**Task item**
Exclude the pictures, then restate every entry below exactly.
--- Data records ---
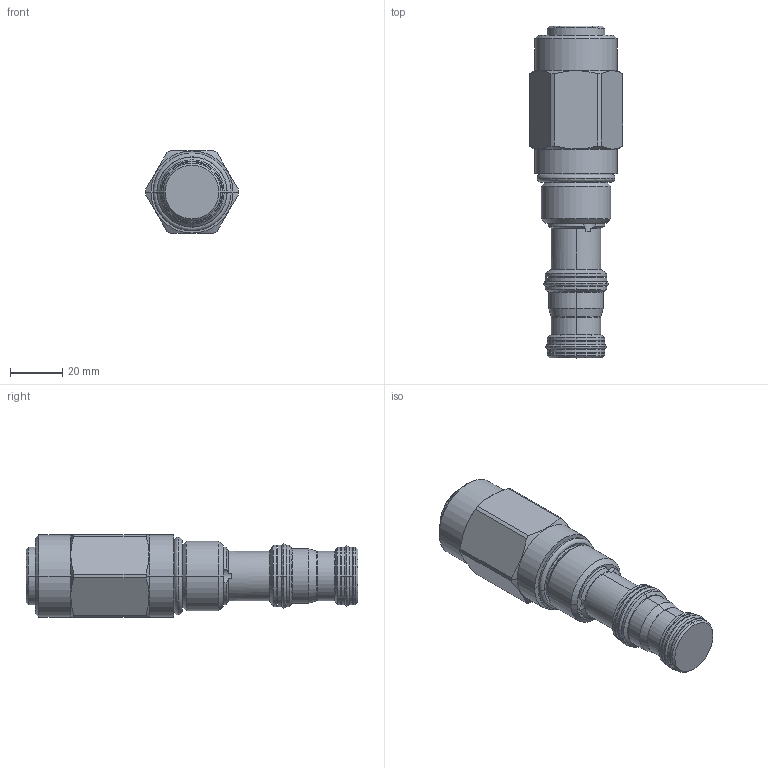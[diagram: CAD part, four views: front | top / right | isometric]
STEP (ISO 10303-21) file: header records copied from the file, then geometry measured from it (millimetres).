
FILE_DESCRIPTION((''),'2;1');
FILE_NAME('PRT0015','2009-03-25T',('JCS'),(''),'PRO/ENGINEER BY PARAMETRIC TECHNOLOGY CORPORATION, 2008510','PRO/ENGINEER BY PARAMETRIC TECHNOLOGY CORPORATION, 2008510','');
FILE_SCHEMA(('CONFIG_CONTROL_DESIGN'));
Length unit declared in the file: inch
Products named in the file (1): PRT0015
Bounding box: 35.81 x 127.32 x 31.75 mm (x, y, z)
Volume: 72842.9 mm3; surface area: 15036.9 mm2
Topology: 4 solids, 4 shells, 173 faces, 381 edges, 217 vertices
Faces by surface type: cylinder 50, cone 39, plane 31, torus 29, revolution 24
Entity records: 5846 total; most frequent: CARTESIAN_POINT 1971, DIRECTION 856, ORIENTED_EDGE 758, EDGE_CURVE 379, AXIS2_PLACEMENT_3D 358, VERTEX_POINT 217, CIRCLE 209, EDGE_LOOP 182
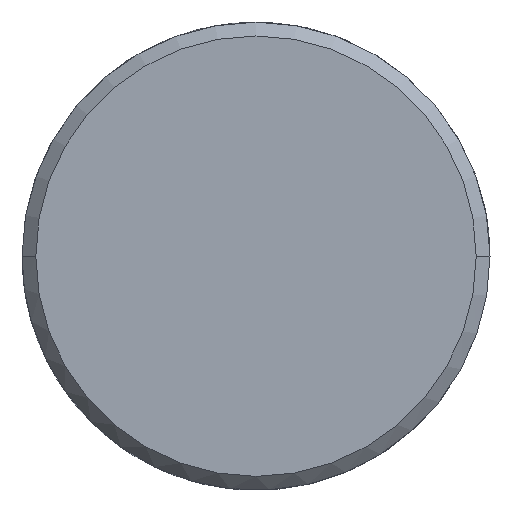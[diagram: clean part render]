
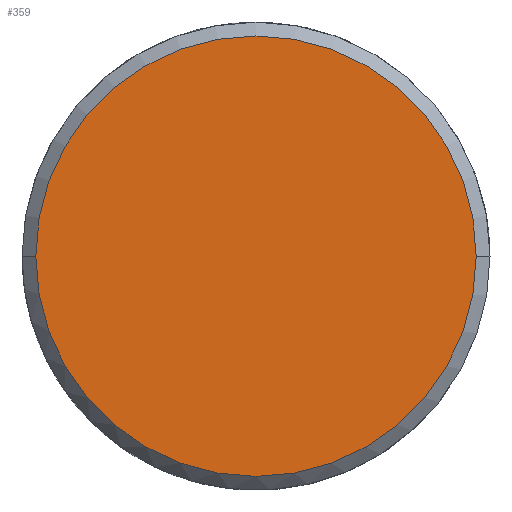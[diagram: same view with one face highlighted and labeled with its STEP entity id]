
A CAD part, left-side view. The second image highlights one B-rep face of the part: STEP entity #359.
In plain terms, the highlighted planar face has unit normal (-1, 0, 0).
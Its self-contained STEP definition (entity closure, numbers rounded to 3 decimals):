
#311=CARTESIAN_POINT('Vertex',(-6.,11.293,0.)) ;
#314=CARTESIAN_POINT('Axis2P3D Location',(-6.,0.,0.)) ;
#318=CARTESIAN_POINT('Vertex',(-6.,-11.293,0.)) ;
#338=CARTESIAN_POINT('Axis2P3D Location',(-6.,0.,0.)) ;
#350=CARTESIAN_POINT('Axis2P3D Location',(-6.,0.,0.)) ;
#315=DIRECTION('Axis2P3D Direction',(1.,0.,-0.)) ;
#339=DIRECTION('Axis2P3D Direction',(1.,0.,-0.)) ;
#351=DIRECTION('Axis2P3D Direction',(1.,0.,-0.)) ;
#352=DIRECTION('Axis2P3D XDirection',(0.,1.,0.)) ;
#316=AXIS2_PLACEMENT_3D('Circle Axis2P3D',#314,#315,$) ;
#340=AXIS2_PLACEMENT_3D('Circle Axis2P3D',#338,#339,$) ;
#353=AXIS2_PLACEMENT_3D('Plane Axis2P3D',#350,#351,#352) ;
#356=ORIENTED_EDGE('',*,*,#342,.F.) ;
#357=ORIENTED_EDGE('',*,*,#320,.F.) ;
#359=ADVANCED_FACE('382F-24',(#358),#354,.F.) ;
#317=CIRCLE('generated circle',#316,11.293) ;
#341=CIRCLE('generated circle',#340,11.293) ;
#320=EDGE_CURVE('',#312,#319,#317,.T.) ;
#342=EDGE_CURVE('',#319,#312,#341,.T.) ;
#355=EDGE_LOOP('',(#356,#357)) ;
#358=FACE_OUTER_BOUND('',#355,.T.) ;
#354=PLANE('Plane',#353) ;
#312=VERTEX_POINT('',#311) ;
#319=VERTEX_POINT('',#318) ;
---
**Written solution**
[diagram: CAD part, four views: front | top / right | isometric]
STEP (ISO 10303-21) file: header records copied from the file, then geometry measured from it (millimetres).
FILE_DESCRIPTION((''),'2;1');
FILE_NAME('PRT0015','2009-03-25T',('JCS'),(''),'PRO/ENGINEER BY PARAMETRIC TECHNOLOGY CORPORATION, 2008510','PRO/ENGINEER BY PARAMETRIC TECHNOLOGY CORPORATION, 2008510','');
FILE_SCHEMA(('CONFIG_CONTROL_DESIGN'));
Length unit declared in the file: inch
Products named in the file (1): PRT0015
Bounding box: 35.81 x 127.32 x 31.75 mm (x, y, z)
Volume: 72842.9 mm3; surface area: 15036.9 mm2
Topology: 4 solids, 4 shells, 173 faces, 381 edges, 217 vertices
Faces by surface type: cylinder 50, cone 39, plane 31, torus 29, revolution 24
Entity records: 5846 total; most frequent: CARTESIAN_POINT 1971, DIRECTION 856, ORIENTED_EDGE 758, EDGE_CURVE 379, AXIS2_PLACEMENT_3D 358, VERTEX_POINT 217, CIRCLE 209, EDGE_LOOP 182
[diagram: clean part render]
[diagram: same view with one face highlighted and labeled with its STEP entity id]
A CAD part, left-side view. The second image highlights one B-rep face of the part: STEP entity #359.
In plain terms, the highlighted planar face has unit normal (-1, 0, 0).
Its self-contained STEP definition (entity closure, numbers rounded to 3 decimals):
#311=CARTESIAN_POINT('Vertex',(-6.,11.293,0.)) ;
#314=CARTESIAN_POINT('Axis2P3D Location',(-6.,0.,0.)) ;
#318=CARTESIAN_POINT('Vertex',(-6.,-11.293,0.)) ;
#338=CARTESIAN_POINT('Axis2P3D Location',(-6.,0.,0.)) ;
#350=CARTESIAN_POINT('Axis2P3D Location',(-6.,0.,0.)) ;
#315=DIRECTION('Axis2P3D Direction',(1.,0.,-0.)) ;
#339=DIRECTION('Axis2P3D Direction',(1.,0.,-0.)) ;
#351=DIRECTION('Axis2P3D Direction',(1.,0.,-0.)) ;
#352=DIRECTION('Axis2P3D XDirection',(0.,1.,0.)) ;
#316=AXIS2_PLACEMENT_3D('Circle Axis2P3D',#314,#315,$) ;
#340=AXIS2_PLACEMENT_3D('Circle Axis2P3D',#338,#339,$) ;
#353=AXIS2_PLACEMENT_3D('Plane Axis2P3D',#350,#351,#352) ;
#356=ORIENTED_EDGE('',*,*,#342,.F.) ;
#357=ORIENTED_EDGE('',*,*,#320,.F.) ;
#359=ADVANCED_FACE('382F-24',(#358),#354,.F.) ;
#317=CIRCLE('generated circle',#316,11.293) ;
#341=CIRCLE('generated circle',#340,11.293) ;
#320=EDGE_CURVE('',#312,#319,#317,.T.) ;
#342=EDGE_CURVE('',#319,#312,#341,.T.) ;
#355=EDGE_LOOP('',(#356,#357)) ;
#358=FACE_OUTER_BOUND('',#355,.T.) ;
#354=PLANE('Plane',#353) ;
#312=VERTEX_POINT('',#311) ;
#319=VERTEX_POINT('',#318) ;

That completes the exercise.